他想起他今日追捕云棠时三番四次说:“你再不回头,我们可就不留手了。”
他下令让别人射箭,箭支像雨一样射出,云棠孤独地奔走在千面,他还亲自射箭,目标是云棠的手和脊背。
……云河一直以来,对云棠都是这样的逼迫式教育,他觉得云棠没有非烟听话,非烟能很自觉地做应该做的事情,云棠就不会。
所以他不免,对云棠更严厉些,但是他从没想过真会逼死云棠。
她到底怀着怎样的想法,才能从千丈高的断罪崖一跃而下?云河双手微颤,脸上的沟壑似乎加深许多,瞬间苍老几岁。
妙缪真君说的他心想事成,得偿所愿……就像一把锋利的刀,插到云河心底。
妙缪真君道:“你们等着吧,此事解决之后,你们滥用刑罚之事不会过去,自有门规等着你们。

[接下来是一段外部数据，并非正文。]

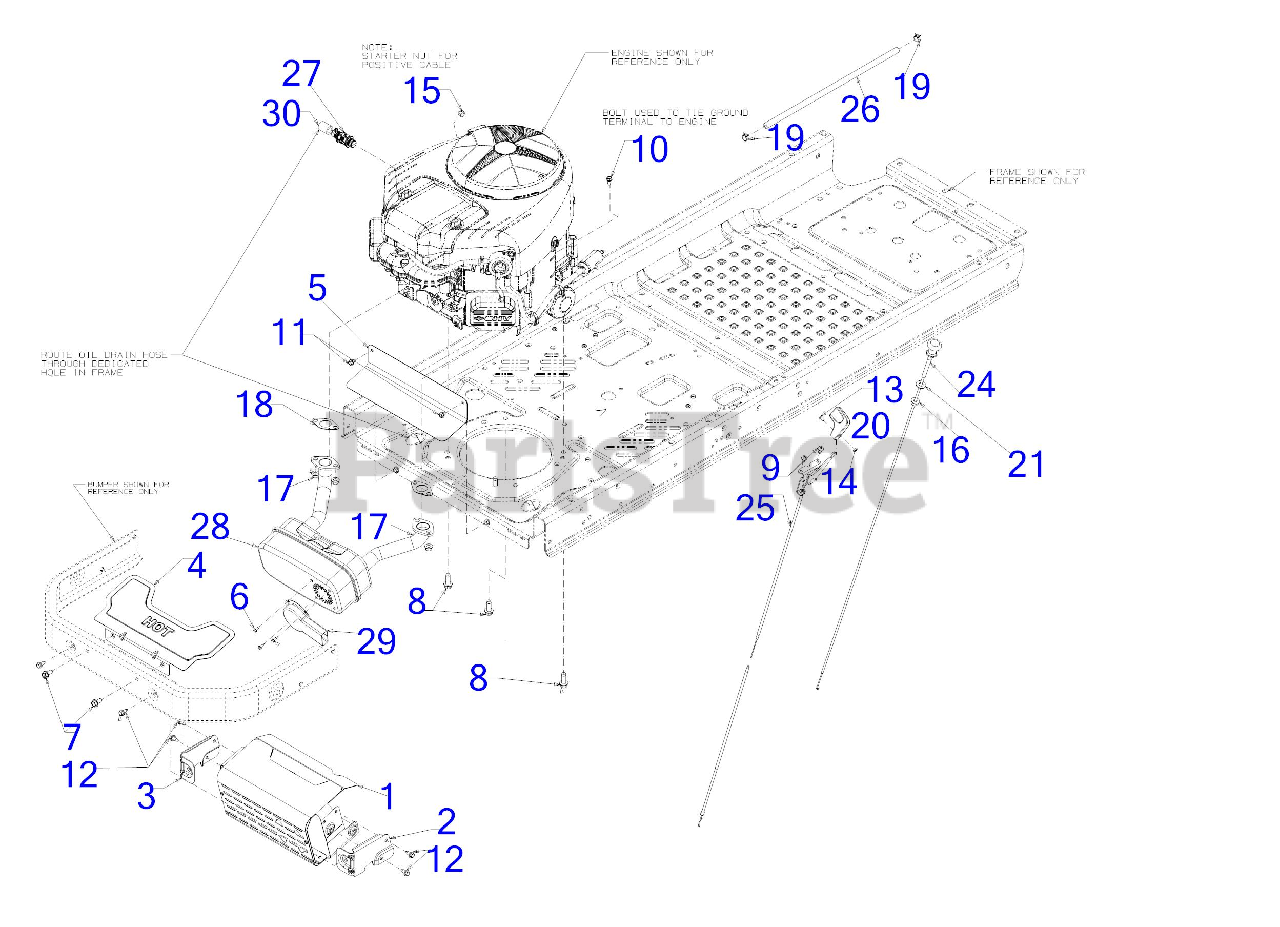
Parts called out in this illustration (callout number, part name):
5	LOWER HEAT SHIELD
6	HEX SCREW WASHER HD #8-18 x 0.500
7	SCREW 5/16-18 x .750
8	SCREW 3/8-16 x 1
9	SCREW 1/4-20 x .5
10	SCREW 1/4-20 X.500
11	SCREW 1/4-20 x .375
12	SCREW 1/4-20X.625
13	SCREW #8-32X.38 LG
14	HEX NUT 8-32
15	FLANGE LOCK NUT
16	HEX FLANGE NUT
17	HEX FLANGE NUT M8X
18	MUFFLER GASKET
19	HOSE CLAMP 1/20
20	THROTTLE CONTROL KNOB
21	FLAT WASHER
24	40.5" CHOKE CABLE
25	THROTTLE CABLE 41.5"
26	FUEL HOSE LOW PERMEATION
27	OIL DRAIN VALVE
28	EXHAUST MUFFLER(B&S)(TWIN)
29	EXHAUST DELECTOR
30	DRAIN HOSE 14''

”
他们哪里来的权柄处置云棠?不过是仗着他们是云棠父母,想要以父母的权柄压人,去维护他们那可笑的尊严。
断罪崖崖高千丈,树影被冷月照射映在地面,像是扭曲的影子。
玄容真君已经快找遍整个后山,都没找到云棠的踪影,其余打着火把出来寻找的弟子今天累了一天,先是追捕云棠,现在又要找云棠回来,而且两次态度截然不同。
他们不由嘀咕:“这算什么事儿啊?原来云棠叛出宗门是因为被罚废去功法,而宗主不认同这个决定?那到底是谁要惩罚她?”

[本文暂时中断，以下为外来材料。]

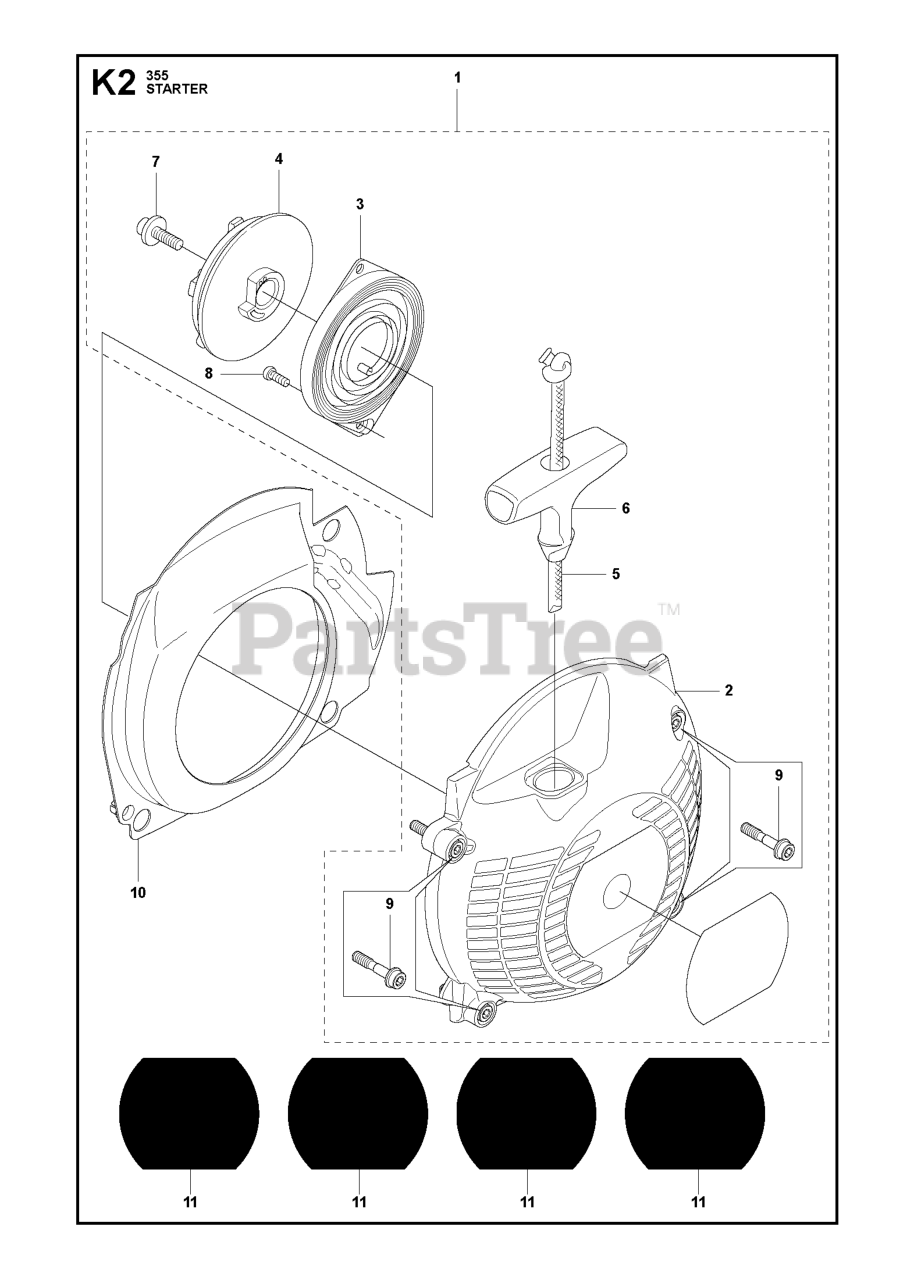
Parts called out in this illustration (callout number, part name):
1	STARTER ASSY
2	STARTER HOUSING SPARE PART IN
3	RECOIL SPRING
4	STARTER PULLEY
5	STARTER ROPE
9	SCREW IHSCFMO
10	AIR CONDUCTOR
11	LABEL

“除了碧天峰的那两位还能有谁?”一名弟子道,“你们可不知道,之前那次追捕我也跟着来了,云堂主不只让我们射箭,还对云师妹说,要是再不停下,真就要杀了她。云师妹可能是怕吧,活活跳了崖。”
他叹息一口气:“我还以为云堂主这么秉公无私,是因为云师妹真犯了确切的错,原来不过是他们觉得云师妹错了。”
……
玄容真君听见云河逼迫云棠的话语,双手紧紧捏起,沉默地站在风中。
他以为云河是云棠亲父,一定会好好对云棠,所以才放心去救非烟。现在非烟活了,他的云棠呢?

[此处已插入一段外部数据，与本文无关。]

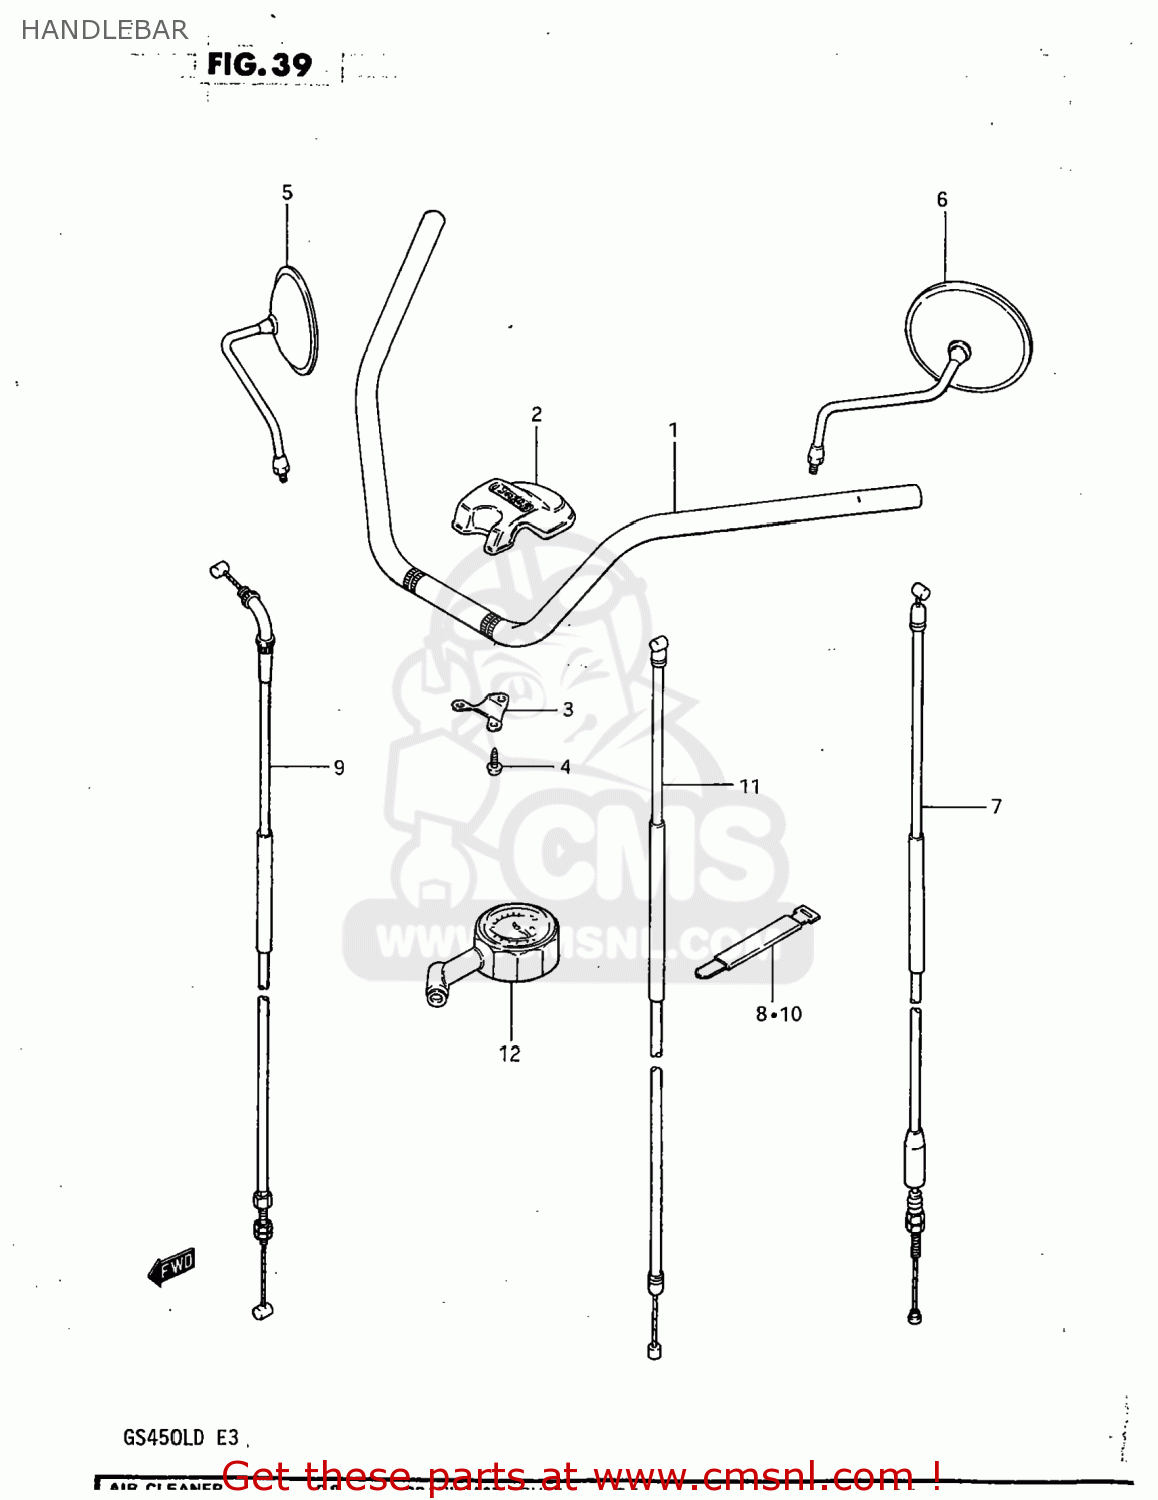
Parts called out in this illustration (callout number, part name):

玄容真君不由去想,如果那时他多花费一点时间,强行把云棠带回去,是不是一起都不一样?
可是他当时觉得非烟命悬一线,救她才是迫在眉睫的事情。
玄容真君没什么时间太伤心,他想再多也没用,现在只好快一些,找到云棠。
夜色清幽,云棠浑身湿透,泡在太虚剑府山下的河里。
她掉下积水潭那一刻,便用燕霁给她补满的灵力,对着积水潭底下一轰,积水潭底下的暗河刹那间涌出,奔涌的暗河水将积谭内云棠的血全部稀释干净。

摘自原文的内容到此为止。